Two weeks ago, a well conceived article was published in Forbes. It discusses the problem of the lack of productivity of large pharma. The problem is very real.  Just look at the number of patent expirations threatening this industry and the state of their pipelines.  A great example is Pfizer – a company that is shrinking as fast as it can to offset their loss of revenue from Lipitor sales. Another good example is Astra-zeneca – a company that is also fighting loss of market exclusivity with layoffs. Obviously, a better way to deal with the problem is more productivity either from in-house research and development or from external sources. So why is this not happening? 

There are multiple causes for the poor productivity of the pharmaceutical industry overall.  These include scientific issues – its just plain getting harder to find new, safe and effective drugs.  Another contributor is the increasingly stringent and risky regulatory environment affecting products from obesity and diabetes therapies to antibiotics (don’t get me started!). But I think Bruce Booth, in his Forbes piece, has really hit on another underappreciated factor – the increasingly bureaucratic and metrics-driven approach to R&D within the pharmaceutical industry.

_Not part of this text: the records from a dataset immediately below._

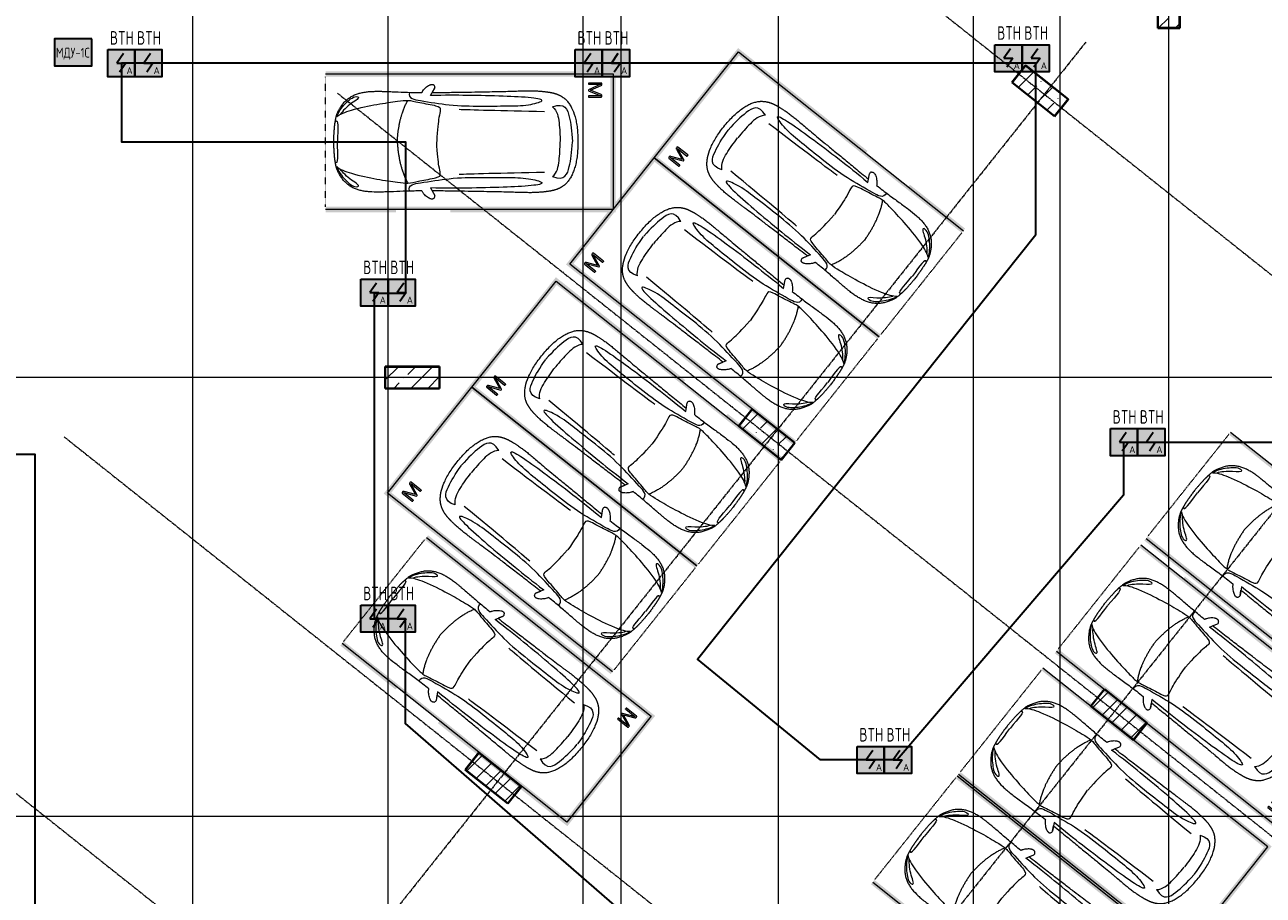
# Model space of a CAD drawing. Header units: millimetres. Extents: x -135639 to 224623, y -383017 to -59102.
# Tile 344 of 494: x 67913 to 90756, y -194272 to -178213. Entities that reach past the tile are written whole.
import ezdxf
from ezdxf.enums import TextEntityAlignment as Align

# ---------------------------------------------------------------- set-up
doc = ezdxf.new("R2010")
doc.units = ezdxf.units.MM
for name, pattern in [('ADSK_Линия сетки', [25, 20, -2.5, 0, -2.5]), ('CONTINOUS', [0]), ('Линия сетки', [25, 20, -2.5, 0, -2.5]), ('Невидимые', [5, 3, -2]), ('Штрих_3_3_', [6, 3, -3])]:
    doc.linetypes.add(name, pattern=pattern)
for name, color, linetype, lineweight in [('A-000-M_MASS', 7, 'Continuous', 18), ('A-200-M_WALL_INT', 7, 'Continuous', 18), ('C-953-M_PARKING', 7, 'Continuous', 18), ('C-953-MH_PARKING', 7, 'Невидимые', 18), ('S-280-M_COLUMN', 7, 'Continuous', 18), ('Z-030-M_GRID', 7, 'Continuous', 9), ('Арматура воздуховодов', 7, 'Continuous', 18), ('ОС', 5, 'Continuous', 25), ('ПС', 7, 'Continuous', 40), ('СС-011-ПОЖ-СИГНАЛИЗАЦИЯ', 1, 'Continuous', 30)]:
    doc.layers.add(name, color=color, linetype=linetype, lineweight=lineweight)
doc.layers.add('ССПС', color=5, linetype='Continuous')
doc.styles.add('1111', font='isocpeur.ttf')

# ---------------------------------------------------------------- blocks, each defined once
blk = doc.blocks.new('A_PAR_Parking - M-2663509-B1_-7_650_')
at = {"layer": 'C-953-M_PARKING', "true_color": 0xf7f9fb}
blk.add_hatch(color=7, dxfattribs=at).paths.add_polyline_path([(-1300, 2650), (-1300, 1350), (-1250, 1350), (-1250, 350), (-1300, 350), (-1300, -2700), (1300, -2700), (1300, 2650), (1200, 2650), (1200, -2600), (-1200, -2600), (-1200, 2650)])
at = {"layer": 'A-000-M_MASS', "color": 253, "true_color": 0xaaaaaa}
for p, q in [((-853, 717), (-993, 639)), ((-906, 687), (-993, 639)), ((853, 717), (993, 639)), ((993, 639), (906, 687))]:
    blk.add_line(p, q, dxfattribs=at)
for centre, start, end in [((-1010, 678), 223.4184, 293.9305), ((1010, 678), 246.0695, 316.5816)]:
    blk.add_arc(centre, 42.2, start, end, dxfattribs=at)
for points, knots in [([(-908, 876), (-908, 976), (-911, 1161), (-920, 1362), (-926, 1508), (-930, 1645), (-930, 1769), (-922, 1880), (-911, 1957), (-894, 2031), (-871, 2100), (-841, 2165), (-809, 2216), (-779, 2254), (-754, 2281), (-727, 2307), (-698, 2332), (-667, 2355), (-636, 2376), (-604, 2395), (-574, 2412), (-545, 2426), (-519, 2438), (-500, 2445), (-485, 2450), (-474, 2453), (-463, 2456), (-452, 2458), (-440, 2461), (-428, 2463), (-414, 2466), (-402, 2468), (-391, 2470), (-383, 2471), (-376, 2473), (-370, 2474), (-363, 2475), (-356, 2476), (-349, 2477), (-343, 2478), (-337, 2479), (-330, 2480), (-324, 2481), (-317, 2481), (-309, 2482), (-301, 2483), (-293, 2484), (-285, 2485), (-276, 2486), (-263, 2487), (-249, 2488), (-235, 2489), (-223, 2490), (-211, 2491), (-199, 2492), (-186, 2493), (-168, 2494), (-148, 2495), (-127, 2496), (-106, 2497), (-77, 2498), (-40, 2500), (-13, 2501), (1, 2501)], [-1, -1, -1, -1, -0.913265, -0.826531, -0.783163, -0.739796, -0.653061, -0.612245, -0.571429, -0.530612, -0.489796, -0.44898, -0.408163, -0.387755, -0.367347, -0.346939, -0.326531, -0.306122, -0.285714, -0.265306, -0.244898, -0.22449, -0.204082, -0.183673, -0.173469, -0.163265, -0.153061, -0.142857, -0.132653, -0.122449, -0.112245, -0.102041, -0.096939, -0.091837, -0.086735, -0.084184, -0.081633, -0.076531, -0.07398, -0.071429, -0.068878, -0.066327, -0.063776, -0.061224, -0.058673, -0.056122, -0.053571, -0.05102, -0.048469, -0.045918, -0.040816, -0.038265, -0.035714, -0.033163, -0.030612, -0.028061, -0.02551, -0.020408, -0.017857, -0.015306, -0.010204, -0.005102, 0, 0, 0, 0]), ([(-480, 2441), (-586, 2392), (-719, 2283), (-847, 2128), (-828, 2057)], [0, 0, 0, 0, 0.53668, 1.024735, 1.024735, 1.024735, 1.024735]), ([(-828, 2057), (-803, 2016), (-728, 2173), (-566, 2339), (-505, 2381)], [0, 0, 0, 0, 0.497572, 1.022643, 1.022643, 1.022643, 1.022643]), ([(-459, 2446), (-508, 2398), (-601, 2147), (-696, 1684), (-744, 1354), (-774, 1106), (-734, 996), (-660, 552), (-618, 522), (-447, 565), (-234, 590), (-2, 602)], [0, 0, 0, 0, 0.884172, 2.058368, 3.212407, 3.977765, 4.871213, 5.547774, 6.288901, 6.772879, 7.454401, 7.454401, 7.454401, 7.454401]), ([(1, 2501), (22, 2500), (51, 2499), (88, 2498), (113, 2497), (137, 2496), (160, 2494), (181, 2493), (201, 2492), (219, 2491), (237, 2489), (253, 2488), (268, 2487), (282, 2485), (295, 2484), (307, 2483), (320, 2481), (330, 2480), (338, 2479), (345, 2478), (350, 2477), (356, 2476), (361, 2475), (366, 2474), (371, 2473), (377, 2472), (385, 2471), (393, 2469), (403, 2467), (416, 2465), (434, 2462), (454, 2458), (476, 2453), (498, 2446), (521, 2437), (555, 2422), (605, 2396), (669, 2355), (730, 2307), (773, 2263), (802, 2225), (823, 2195), (841, 2164), (857, 2132), (871, 2099), (887, 2053), (904, 1994), (915, 1931), (922, 1879), (926, 1839), (928, 1798), (930, 1756), (930, 1720), (931, 1690), (931, 1667), (930, 1645), (930, 1621), (929, 1598), (929, 1566), (927, 1526), (925, 1459), (919, 1336), (911, 1145), (908, 970), (908, 876)], [-1, -1, -1, -1, -0.992347, -0.98852, -0.984694, -0.980867, -0.977041, -0.973214, -0.969388, -0.965561, -0.961735, -0.957908, -0.954082, -0.950255, -0.946429, -0.942602, -0.938776, -0.933673, -0.931122, -0.928571, -0.92602, -0.923469, -0.920918, -0.918367, -0.915816, -0.913265, -0.908163, -0.903061, -0.897959, -0.887755, -0.877551, -0.857143, -0.836735, -0.816327, -0.795918, -0.77551, -0.734694, -0.693878, -0.653061, -0.612245, -0.591837, -0.571429, -0.55102, -0.530612, -0.510204, -0.489796, -0.44898, -0.408163, -0.387755, -0.367347, -0.346939, -0.326531, -0.306122, -0.295918, -0.285714, -0.27551, -0.265306, -0.255102, -0.244898, -0.22449, -0.204082, -0.163265, -0.081633, 0, 0, 0, 0]), ([(459, 2446), (508, 2398), (601, 2147), (696, 1684), (744, 1354), (774, 1106), (734, 996), (660, 552), (618, 522), (447, 565), (234, 590), (2, 602)], [0, 0, 0, 0, 0.884172, 2.058368, 3.212407, 3.977765, 4.871213, 5.547774, 6.288901, 6.772879, 7.454401, 7.454401, 7.454401, 7.454401]), ([(480, 2441), (586, 2392), (719, 2283), (847, 2128), (828, 2057)], [0, 0, 0, 0, 0.53668, 1.024735, 1.024735, 1.024735, 1.024735]), ([(828, 2057), (803, 2016), (728, 2173), (566, 2339), (505, 2381)], [0, 0, 0, 0, 0.497572, 1.022643, 1.022643, 1.022643, 1.022643]), ([(-908, 1106), (-792, 1130), (-753, 859), (-663, 332), (-655, -196), (-661, -684), (-663, -1068), (-764, -1443), (-817, -1157), (-842, -605), (-857, -17), (-857, 454), (-853, 717)], [0, 0, 0, 0, 1.013953, 2.476159, 4.172855, 5.704608, 7.082231, 8.244161, 9.589947, 11.154659, 12.917121, 14.362976, 14.362976, 14.362976, 14.362976]), ([(908, 1106), (792, 1130), (753, 859), (663, 332), (655, -196), (661, -684), (663, -1068), (764, -1443), (817, -1157), (842, -605), (857, -17), (857, 454), (853, 717)], [0, 0, 0, 0, 1.013953, 2.476159, 4.172855, 5.704608, 7.082231, 8.244161, 9.589947, 11.154659, 12.917121, 14.362976, 14.362976, 14.362976, 14.362976]), ([(-1041, 649), (-1044, 652), (-1049, 657), (-1053, 664), (-1055, 669), (-1057, 675), (-1058, 682), (-1058, 688), (-1058, 702), (-1052, 723), (-1036, 756), (-1011, 790), (-985, 818), (-962, 839), (-944, 853), (-926, 866), (-914, 873), (-908, 876)], [-1, -1, -1, -1, -0.941667, -0.9125, -0.883333, -0.854167, -0.825, -0.795833, -0.766667, -0.65, -0.533333, -0.4, -0.266667, -0.2, -0.133333, -0.066667, 0, 0, 0, 0]), ([(0, -2004), (-45, -2004), (-132, -2001), (-252, -1991), (-362, -1974), (-462, -1950), (-551, -1921), (-630, -1886), (-686, -1853), (-726, -1824), (-753, -1802), (-774, -1782), (-789, -1766), (-799, -1753), (-809, -1740), (-819, -1727), (-828, -1714), (-836, -1701), (-844, -1688), (-851, -1674), (-858, -1661), (-864, -1647), (-870, -1634), (-876, -1620), (-881, -1606), (-885, -1592), (-890, -1578), (-894, -1565), (-897, -1551), (-901, -1537), (-904, -1524), (-907, -1510), (-909, -1497), (-912, -1483), (-914, -1470), (-916, -1457), (-918, -1444), (-919, -1432), (-921, -1419), (-923, -1403), (-925, -1383), (-928, -1361), (-930, -1339), (-932, -1318), (-934, -1290), (-936, -1257), (-938, -1218), (-939, -1179), (-940, -1139), (-940, -1097), (-939, -1039), (-938, -958), (-934, -846), (-931, -714), (-926, -559), (-923, -376), (-919, -163), (-915, 82), (-911, 315), (-908, 521), (-907, 631), (-906, 687)], [-1, -1, -1, -1, -0.97619, -0.952381, -0.928571, -0.904762, -0.880952, -0.857143, -0.833333, -0.821429, -0.809524, -0.797619, -0.791667, -0.785714, -0.779762, -0.77381, -0.767857, -0.761905, -0.755952, -0.75, -0.744048, -0.738095, -0.732143, -0.72619, -0.720238, -0.714286, -0.708333, -0.702381, -0.696429, -0.690476, -0.684524, -0.678571, -0.672619, -0.666667, -0.660714, -0.654762, -0.64881, -0.642857, -0.636905, -0.630952, -0.619048, -0.607143, -0.595238, -0.583333, -0.571429, -0.547619, -0.52381, -0.5, -0.47619, -0.452381, -0.428571, -0.380952, -0.333333, -0.285714, -0.238095, -0.190476, -0.142857, -0.095238, -0.047619, -0.02381, 0, 0, 0, 0]), ([(906, 687), (907, 631), (908, 521), (911, 367), (913, 222), (916, 41), (919, -163), (923, -376), (926, -559), (930, -688), (932, -780), (934, -844), (936, -902), (938, -956), (939, -1007), (940, -1053), (940, -1097), (940, -1139), (939, -1179), (938, -1218), (936, -1257), (934, -1290), (932, -1318), (930, -1339), (928, -1361), (925, -1383), (923, -1403), (921, -1419), (919, -1432), (918, -1444), (916, -1457), (914, -1470), (912, -1483), (909, -1497), (907, -1510), (904, -1524), (901, -1537), (897, -1551), (894, -1565), (890, -1578), (885, -1592), (881, -1606), (876, -1620), (870, -1634), (864, -1647), (858, -1661), (851, -1674), (844, -1688), (836, -1701), (828, -1714), (819, -1727), (809, -1740), (799, -1753), (789, -1766), (774, -1782), (753, -1802), (726, -1824), (686, -1853), (607, -1900), (495, -1942), (362, -1974), (252, -1991), (132, -2001), (45, -2004), (0, -2004)], [-1, -1, -1, -1, -0.97619, -0.952381, -0.928571, -0.904762, -0.857143, -0.809524, -0.761905, -0.714286, -0.690476, -0.666667, -0.642857, -0.619048, -0.595238, -0.571429, -0.547619, -0.52381, -0.5, -0.47619, -0.452381, -0.428571, -0.416667, -0.404762, -0.392857, -0.380952, -0.369048, -0.363095, -0.357143, -0.35119, -0.345238, -0.339286, -0.333333, -0.327381, -0.321429, -0.315476, -0.309524, -0.303571, -0.297619, -0.291667, -0.285714, -0.279762, -0.27381, -0.267857, -0.261905, -0.255952, -0.25, -0.244048, -0.238095, -0.232143, -0.22619, -0.220238, -0.214286, -0.208333, -0.202381, -0.190476, -0.178571, -0.166667, -0.142857, -0.095238, -0.071429, -0.047619, -0.02381, 0, 0, 0, 0]), ([(908, 876), (913, 873), (923, 867), (944, 853), (971, 832), (1000, 803), (1026, 771), (1043, 742), (1053, 719), (1057, 703), (1059, 690), (1058, 680), (1056, 673), (1054, 666), (1050, 658), (1045, 652), (1041, 649)], [-1, -1, -1, -1, -0.941667, -0.883333, -0.766667, -0.65, -0.533333, -0.4, -0.333333, -0.266667, -0.2, -0.166667, -0.133333, -0.1, -0.066667, 0, 0, 0, 0]), ([(-643, -1535), (-732, -1765), (-468, -1855), (-203, -1891), (-2, -1902)], [0, 0, 0, 0, 0.867049, 1.684227, 1.684227, 1.684227, 1.684227]), ([(-643, -1535), (-570, -1622), (-349, -1664), (-124, -1672), (-2, -1676)], [0, 0, 0, 0, 0.616728, 1.242165, 1.242165, 1.242165, 1.242165]), ([(643, -1535), (732, -1765), (468, -1855), (203, -1891), (2, -1902)], [0, 0, 0, 0, 0.867049, 1.684227, 1.684227, 1.684227, 1.684227]), ([(643, -1535), (570, -1622), (349, -1664), (124, -1672), (2, -1676)], [0, 0, 0, 0, 0.616728, 1.242165, 1.242165, 1.242165, 1.242165])]:
    blk.add_open_spline(points, degree=3, knots=knots, dxfattribs=at)
for points, degree in [([(-376, 2470), (-425, 2412), (-257, 2425), (-2, 2432)], 3), ([(376, 2470), (425, 2412), (257, 2425), (2, 2432)], 3), ([(-2, 1330), (-478, 1299), (-762, 1135)], 2), ([(2, 1330), (478, 1299), (762, 1135)], 2), ([(-599, 190), (-592, 24), (-575, -588), (-560, -1389)], 3), ([(599, 190), (592, 24), (575, -588), (560, -1389)], 3)]:
    blk.add_open_spline(points, degree=degree, dxfattribs=at)
at = {"layer": 'C-953-M_PARKING', "color": 253, "true_color": 0xaaaaaa}
for p, q in [((-1250, -2650), (-1250, 2650)), ((1250, 2650), (1250, -2650)), ((823, -2198), (822, -2200)), ((822, -2200), (823, -2198)), ((822, -2200), (822, -2434)), ((825, -2196), (823, -2198)), ((823, -2198), (825, -2196)), ((828, -2195), (825, -2196)), ((834, -2195), (828, -2195)), ((840, -2195), (834, -2195)), ((844, -2196), (840, -2195)), ((846, -2198), (844, -2196)), ((844, -2196), (846, -2198)), ((846, -2200), (846, -2198)), ((846, -2198), (846, -2200)), ((938, -2199), (846, -2425)), ((846, -2425), (846, -2200)), ((869, -2430), (950, -2232)), ((939, -2197), (938, -2199)), ((938, -2199), (939, -2197)), ((941, -2196), (939, -2197)), ((939, -2197), (941, -2196)), ((944, -2195), (941, -2196)), ((949, -2195), (944, -2195)), ((953, -2195), (949, -2195)), ((950, -2232), (1037, -2429)), ((956, -2196), (953, -2195)), ((958, -2197), (956, -2196)), ((956, -2196), (958, -2197)), ((960, -2199), (958, -2197)), ((958, -2197), (960, -2199)), ((1059, -2425), (960, -2199)), ((1061, -2196), (1059, -2198)), ((1059, -2198), (1061, -2196)), ((1059, -2198), (1059, -2200)), ((1059, -2200), (1059, -2198)), ((1059, -2200), (1059, -2425)), ((1065, -2195), (1061, -2196)), ((1070, -2195), (1065, -2195)), ((1076, -2195), (1070, -2195)), ((1080, -2196), (1076, -2195)), ((1082, -2198), (1080, -2196)), ((1080, -2196), (1082, -2198)), ((1083, -2200), (1082, -2198)), ((1082, -2198), (1083, -2200)), ((1083, -2434), (1083, -2200)), ((822, -2434), (826, -2443)), ((826, -2443), (833, -2446)), ((833, -2446), (846, -2446)), ((846, -2446), (855, -2445)), ((855, -2445), (861, -2442)), ((861, -2442), (866, -2437)), ((866, -2437), (869, -2430)), ((1037, -2429), (1041, -2437)), ((1041, -2437), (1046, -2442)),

At Wyeth at one point, the Discovery group was asked to produce 15 clinical candidates per year (IND ready).  Did this increase their late stage pipeline? What do you think?  What it did, probably, was decrease the quality and increase the risk of the compounds entering phase I development. As described by Bruce Booth, Wyeth R&D was run by committee(s).  But each committee member had their own particular agenda.  Each functional area had their own constraints and concerns – work load, not wanting to be blamed for project failure, etc. So they would try and either block a project or at least make their reticence known to the committee so they could at least say, “I told you so” later.  In the industry, it is always easier to say NO at the beginning than it is to take a risk and support a potentially costly project that, 80% of the time, will fail anyway.

When you layer committees one on top of the other – business development, safety, R&D, the problems compound more often than they are solved. 

Bruce Booth’s solution is similar to one I have been pushing.  He would create geographically localized therapeutic area units with all the critical support required (I presume this is what he means) like toxicology, manufacturing, clinical development, regulatory, etc. He suggests giving them five years of budget and then leaving them alone.  The therapeutic areas would then report directly to the “top” (whatever that is) rather than to a committee. My suggestion has always been to shrink the companies altogether by giving each therapeutic area its own P&L.  That might be achieved by providing a budget (instead of profits) from the mother company or it might be (better) by allowing them to live within their P&L based on profits from revenues derived from marketed products. Essentially, what I am suggesting is taking the Centers of Excellence in Drug Discovery of Glaxo one giant step further towards independence from the leaky, unstable giant mother ship.  

I have said in multiple previous blogs that this would be a great strategy for improving the situation of antibiotics within the pharmaceutical industry.